Re: Writing Tuple2 to a sink

Tzu-Li (Gordon) Tai
Hi Mohit,

I don’t completely understand your question, but I’m assuming that you know the type of records your custom sink will be receiving, but you don’t know how to extract values from the records.

Assume that the type of the incoming records will be `Tuple2<String, Integer>`. When writing your custom sink, you should define that type by:

```
public class YourCustomSink implements SinkFunction<Tuple2<String, Integer>> {
    …
    
    public void invoke(Tuple2<String, Integer> next) {
        // use next.f0 / next.f1 to retrieve values from the tuple
    }

    ...
}
```

You can of course also define generic types to replace `String` and `Integer`, like so:

```
public class YourCustomSink<F, S> implements SinkFunction<Tuple2<F, S>> {
    …
    
    public void invoke(Tuple2<F, S> next) {
        F field1 = next.f0;
        S field2 = next.f1;
        ...
    }

    ...
}
```

Just replace the generic types with concrete types when instantiating your custom sink, according to your topology.

Let me know if this answers your question!

Cheers,
Gordon

On February 24, 2017 at 10:42:33 AM, 刘彪 ([hidden email]) wrote:

Currently, OutputFormat is used for DataSet, SinkFunction is used for DataStream. Maybe I misunderstand your problem.

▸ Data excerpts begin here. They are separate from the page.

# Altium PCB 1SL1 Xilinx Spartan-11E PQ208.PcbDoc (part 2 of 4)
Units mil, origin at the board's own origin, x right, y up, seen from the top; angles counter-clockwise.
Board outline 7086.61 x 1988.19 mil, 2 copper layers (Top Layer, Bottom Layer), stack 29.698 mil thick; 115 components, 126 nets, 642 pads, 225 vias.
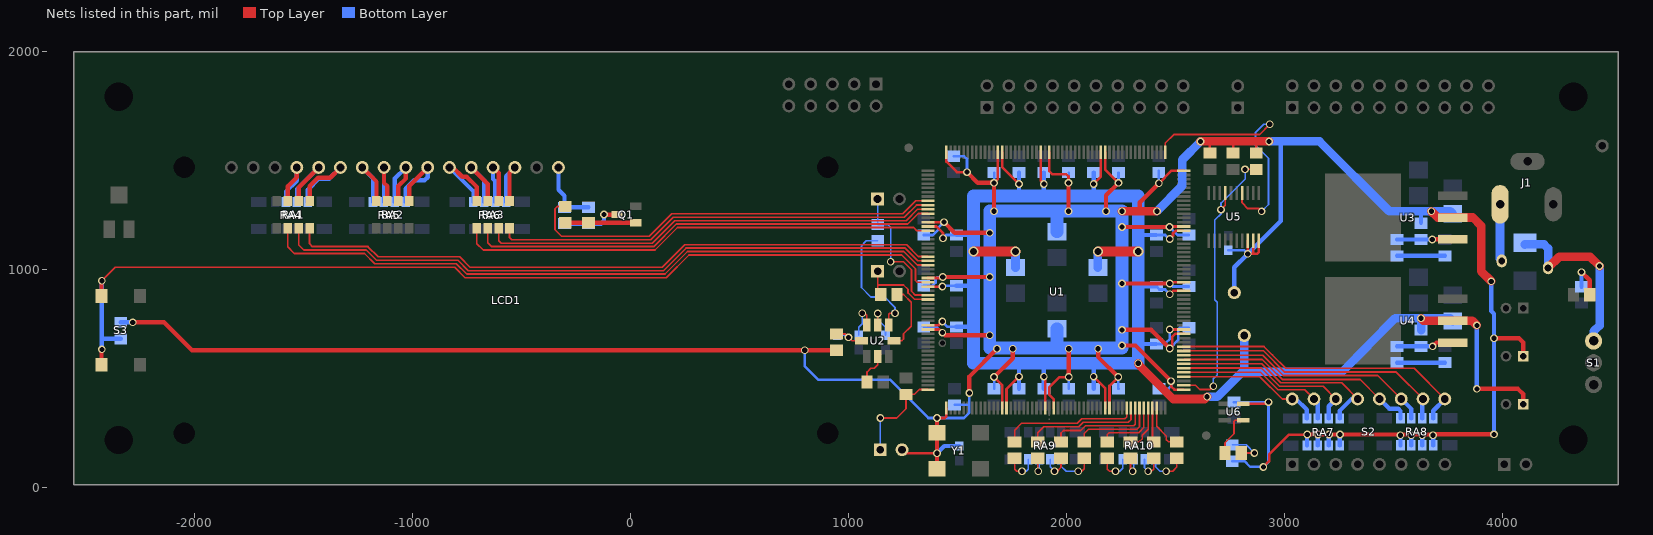
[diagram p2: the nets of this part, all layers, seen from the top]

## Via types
v1: diameter 35.43, hole 23.62, Top Layer to Bottom Layer, tented both sides, 168 vias
v2: diameter 59.06, hole 31.5, Top Layer to Bottom Layer, tented both sides, 27 vias
v3: diameter 47.24, hole 31.5, Top Layer to Bottom Layer, 18 vias
v4: diameter 47.24, hole 31.5, Top Layer to Bottom Layer, tented both sides, 11 vias
v5: diameter 35.43, hole 23.62, Top Layer to Bottom Layer, 1 vias

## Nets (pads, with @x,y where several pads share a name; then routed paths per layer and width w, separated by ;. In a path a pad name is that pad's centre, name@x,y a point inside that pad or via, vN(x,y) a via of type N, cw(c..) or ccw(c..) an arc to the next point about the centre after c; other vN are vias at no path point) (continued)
LCD_DB4: RA3.5 U1.15 | length 2201.6
  Top Layer w7.87: RA3.5@-704.87,1188.03 -704.87,1116.37 -676.13,1087.63 112.14,1087.63 215.49,1190.98 1298.78,1190.98 1313.55,1176.21 U1.15@1364.23,1176.21
LCD_DB5: RA3.6 U1.11 | length 2155.9
  Top Layer w7.87: RA3.6@-654.87,1188.03 -654.87,1121.49 -636.76,1103.38 105.62,1103.38 208.97,1206.72 1271.59,1206.72 1319.82,1254.95 U1.11@1364.23,1254.95
LCD_DB6: RA3.7 U1.10 | length 2095.7
  Top Layer w7.87: RA3.7@-604.87,1188.03 -604.87,1130.54 -593.45,1119.13 99.1,1119.13 202.44,1222.47 1263.83,1222.47 1316,1274.64 U1.10@1364.23,1274.64
LCD_DB7: RA3.8 U1.9 | length 2032.6
  Top Layer w7.87: RA3.8@-554.87,1188.03 -554.87,1144.52 -545.22,1134.87 92.57,1134.87 195.92,1238.22 1255.96,1238.22 1312.06,1294.32 U1.9@1364.23,1294.32
LCD_DB#0: LCD1.7 RA2.4 RA5.5 | length 360.5
  Top Layer w19.68: LCD1.7@-1230.65,1466.57 -1165.5,1401.41 RA2.4@-1165.5,1312.03
  Bottom Layer w19.68: LCD1.7@-1230.65,1466.57 -1181.24,1417.16 RA5.5@-1181.24,1308.09
LCD_DB#1: LCD1.8 RA2.3 RA5.6 | length 319.5
  Top Layer w19.68: LCD1.8@-1130.65,1466.57 -1130.65,1395.7 -1115.5,1380.54 RA2.3@-1115.5,1312.03
  Bottom Layer w19.68: RA5.6@-1131.24,1308.09 -1131.24,1465.98 LCD1.8@-1130.65,1466.57
LCD_DB#2: LCD1.9 RA2.2 RA5.7 | length 348.4
  Top Layer w19.68: RA2.2@-1065.5,1312.03 -1065.5,1380.94 -1030.65,1415.78 LCD1.9@-1030.65,1466.57
  Bottom Layer w19.68: RA5.7@-1081.24,1308.09 -1081.24,1415.98 LCD1.9@-1030.65,1466.57
LCD_DB#3: LCD1.10 RA2.1 RA5.8 | length 417.5
  Top Layer w19.68: RA2.1@-1015.5,1312.03 -1015.5,1381.72 LCD1.10@-930.65,1466.57
  Bottom Layer w19.68: RA5.8@-1031.24,1308.09 -1031.24,1368.34 -992.07,1407.51 -944.83,1407.51 -930.65,1421.68 LCD1.10@-930.65,1466.57
LCD_DB#4: LCD1.11 RA3.4 RA6.5 | length 431.4
  Top Layer w19.68: LCD1.11@-830.65,1466.57 -814.91,1466.57 -771.73,1423.39 -752.05,1423.39 -704.87,1376.21 RA3.4@-704.87,1312.03
  Bottom Layer w19.68: LCD1.11@-830.65,1466.57 -720.61,1356.53 RA6.5@-720.61,1308.09
LCD_DB#5: LCD1.12 RA3.3 RA6.6 | length 369.3
  Top Layer w19.68: LCD1.12@-730.65,1466.57 -654.87,1390.78 RA3.3@-654.87,1312.03
  Bottom Layer w19.68: LCD1.12@-730.65,1466.57 -670.61,1406.53 RA6.6@-670.61,1308.09
LCD_DB#6: LCD1.13 RA3.2 RA6.7 | length 327.8
  Top Layer w19.68: LCD1.13@-630.65,1466.57 -604.87,1440.78 RA3.2@-604.87,1312.03
  Bottom Layer w19.68: LCD1.13@-630.65,1466.57 -630.65,1413.61 -620.61,1403.57 RA6.7@-620.61,1308.09
LCD_DB#7: LCD1.14 RA3.1 RA6.8 | length 339.6
  Top Layer w19.68: RA3.1@-554.87,1312.03 -554.87,1442.35 LCD1.14@-530.65,1466.57
  Bottom Layer w19.68: RA6.8@-570.61,1308.09 -570.61,1426.61 LCD1.14@-530.65,1466.57
LCD_E: RA1.8 U1.21 | length 3018.1
  Top Layer w7.87: RA1.8@-1472.19,1188.03 -1472.19,1115.98 -1459.59,1103.38 -1204.67,1103.38 -1157.43,1056.13 -783.41,1056.13 -736.17,1008.89 144.76,1008.89 248.1,1112.24 1266.17,1112.24 1320.3,1058.1 U1.21@1364.23,1058.1
LCD_E#: LCD1.6 RA1.1 RA4.8 | length 493.5
  Top Layer w19.68: RA1.1@-1472.19,1312.03 -1472.19,1380.15 -1433.02,1419.32 -1377.9,1419.32 LCD1.6@-1330.65,1466.57
  Bottom Layer w19.68: RA4.8@-1480.06,1308.09 -1480.06,1364.4 -1429.28,1415.19 -1382.03,1415.19 LCD1.6@-1330.65,1466.57
LCD_LIGHT: R2.1 U1.8 | length 1938.7
  Top Layer w7.87: R2.1@-299.16,1287.43 -335.57,1287.43 -346.4,1276.61 -346.4,1180.15 -316.87,1150.62 86.05,1150.62 189.4,1253.97 1248.09,1253.97 1308.13,1314.01 U1.8@1364.23,1314.01
LCD_RS: RA1.6 U1.23 | length 3142.7
  Top Layer w7.87: RA1.6@-1572.19,1188.03 -1572.19,1101.79 -1542.28,1071.88 -1220.42,1071.88 -1173.17,1024.64 -799.16,1024.64 -751.91,977.39 157.8,977.39 261.15,1080.74 1253.01,1080.74 1315.02,1018.73 U1.23@1364.23,1018.73
LCD_RS#: LCD1.4 RA1.3 RA4.6 | length 350.7
  Top Layer w19.68: RA1.3@-1572.19,1312.03 -1572.19,1379.56 -1530.65,1421.09 LCD1.4@-1530.65,1466.57
  Bottom Layer w19.68: RA4.6@-1580.06,1308.09 -1580.06,1356.13 -1530.65,1405.54 LCD1.4@-1530.65,1466.57
LCD_RW: RA1.7 U1.22 | length 3079.2
  Top Layer w7.87: RA1.7@-1522.19,1188.03 -1522.19,1110.86 -1498.96,1087.63 -1212.54,1087.63 -1165.3,1040.39 -791.28,1040.39 -744.04,993.14 151.28,993.14 254.63,1096.49 1259.65,1096.49 1317.72,1038.42 U1.22@1364.23,1038.42
LCD_RW#: LCD1.5 RA1.2 RA4.7 | length 392.1
  Top Layer w19.68: RA1.2@-1522.19,1312.03 -1522.19,1375.03 LCD1.5@-1430.65,1466.57
  Bottom Layer w19.68: RA4.7@-1530.06,1308.09 -1530.06,1367.16 LCD1.5@-1430.65,1466.57
LEDS0: LED0.1 U1.102 | length 216.3
  Top Layer w7.87: U1.102@2413.44,363.22 2413.44,278.57 2457.73,234.28 2457.73,217.55 2467.57,207.71 LED0.1@2505.96,207.71
LEDS1: LED1.1 U1.101 | length 158
  Top Layer w7.87: U1.101@2393.76,363.22 2393.76,359.28 2393.76,213.61 LED1.1@2399.66,207.71
LEDS2: LED2.1 U1.100 | length 212.6
  Top Layer w7.87: LED2.1@2293.36,207.71 2333.72,207.71 2346.51,220.5 2346.51,237.24 2374.07,264.8 U1.100@2374.07,363.22
LEDS3: LED3.1 U1.99 | length 303.8
  Top Layer w7.87: LED3.1@2187.06,207.71 2187.06,241.17 2195.92,250.03 2330.76,250.03 2354.39,273.65 U1.99@2354.39,363.22
LEDS4: LED4.1 U1.98 | length 391
  Top Layer w7.87: LED4.1@2080.76,207.71 2080.76,246.09 2100.45,265.78 2322.89,265.78 2334.7,277.59 U1.98@2334.7,363.22
LEDS5: LED5.1 U1.97 | length 472.4
  Top Layer w7.87: LED5.1@1974.46,207.71 1974.46,248.06 1986.28,259.87 2065.02,259.87 2086.67,281.53 2308.13,281.53 2315.02,288.42 U1.97@2315.02,363.22
LEDS6: LED6.1 U1.96 | length 547.5
  Top Layer w7.87: LED6.1@1868.16,207.71 1868.16,249.05 1895.72,276.61 2056.16,276.61 2076.83,297.28 2283.52,297.28 2295.33,309.09 U1.96@2295.33,363.22
LEDS7: LED7.1 U1.95 | length 633.5
  Top Layer w7.87: LED7.1@1761.87,207.71 1761.87,260.86 1793.36,292.35 2049.63,292.35 2070.3,313.02 2266.79,313.02 2275.65,321.88 U1.95@2275.65,363.22
M0: JP5.1 R7.2 U1.52 | length 456.8
  Top Layer w7.87: v1(1145.72,316.96) 1220.53,316.96 1263.39,359.82 1263.39,425.43 1302.43,425.43 1324.86,447.87 U1.52@1364.23,447.87
  Bottom Layer w7.87: JP5.1@1145.72,171.29 v1(1145.72,316.96)
NetC15_1: C15.1 R11.2 U2.8 | length 181.4
  Top Layer w7.87: R11.2@944.15,702.79 984.31,702.79 1015.8,671.29 U2.8@1059.13,671.28
  Bottom Layer w7.87: C15.1@948.87,696.88 979.58,696.88 v1(1000.06,687.04)
NetC16_1: C16.1 U2.6 | length 166.8
  Top Layer w7.87: U2.6@1133.81,744.62 1134.01,744.81 v1(1134.01,796.78)
  Bottom Layer w7.87: v1(1134.01,796.78) 1134.01,768.95 1169.35,733.61 C16.1@1169.35,696.88
NetC19_1: C19.1 U2.7 | length 175.6
  Top Layer w7.87: v1(1063.05,797.28) 1074.86,797.28 1083.91,788.22 U2.7@1083.93,744.11
  Bottom Layer w7.87: C19.1@1047.3,696.88 1047.3,733.95 1063.05,749.7 v1(1063.05,797.28)
NetD1_2: D1.2 F1.2 S1.3 | length 832.9
  Top Layer w39.37: F1.2@4208.72,1005.94 4259.9,1057.11 4401.63,1057.12 v1(4444.94,1013.81)
  Bottom Layer w39.37: D1.2@4102.42,1113.11 4190.02,1113.22 4208.72,1094.52 F1.2@4208.72,1005.94 ; S1.3@4417.38,670.5 4417.38,714.6 4444.94,741.37 v1(4444.94,1013.81)
NetLCD1_16: LCD1.16 R8.1 R9.1 | length 304.7
  Bottom Layer w19.68: LCD1.16@-330.65,1466.57 -330.65,1364.2 -303.09,1336.65 -303.09,1283.5 R9.1@-192.86,1283.5
NetLED0_2: LED0.2 RA10.5 | length 218.1
  Top Layer w7.87: v1(2456.75,72.87) 2486.28,72.87 2505.96,92.55 LED0.2@2505.96,132.9
  Bottom Layer w7.87: RA10.5@2407.73,127.99 2407.73,93.54 2428.4,72.87 ; 2428.4,72.87 v1(2456.75,72.87) 2428.4,72.87
NetLED1_2: LED1.2 RA10.6 | length 141.8
  Top Layer w7.87: v1(2374.07,72.87) 2389.82,72.87 2399.66,82.71 LED1.2@2399.66,132.9
  Bottom Layer w7.87: RA10.6@2357.73,127.99 2357.73,89.2 v1(2374.07,72.87)
NetLED2_2: LED2.2 RA10.7 | length 121.1
  Top Layer w7.87: LED2.2@2293.36,132.9 2293.36,82.71 v1(2303.2,72.87)
  Bottom Layer w7.87: v1(2303.2,72.87) 2307.73,77.39 RA10.7@2307.73,127.99
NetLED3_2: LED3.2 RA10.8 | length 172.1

That will be better if you give more details.

2017-02-24 5:21 GMT+08:00 Mohit Anchlia <[hidden email]>:
This works for Kafka but for the other types of sink am I supposed to use some type of outputformat?

On Tue, Feb 21, 2017 at 7:13 PM, 刘彪 <[hidden email]> wrote:
Hi
I think there is a good way in FlinkKafkaProducerBase.java to deal with this situation. There is a KeyedSerializationSchema user have to implement.   KeyedSerializationSchema will be used to serialize data, so that SinkFunction just need to understand the type after serialization.
In your case, I think you can add a SerializationSchema interface in SinkFunction. And user have to implement the SerializationSchema, maybe named Tuple2SerializationSchema. 

2017-02-22 7:17 GMT+08:00 Mohit Anchlia <[hidden email]>:
What's the best way to retrieve both the values in Tuple2 inside a custom sink given that the type is not known inside the sink function?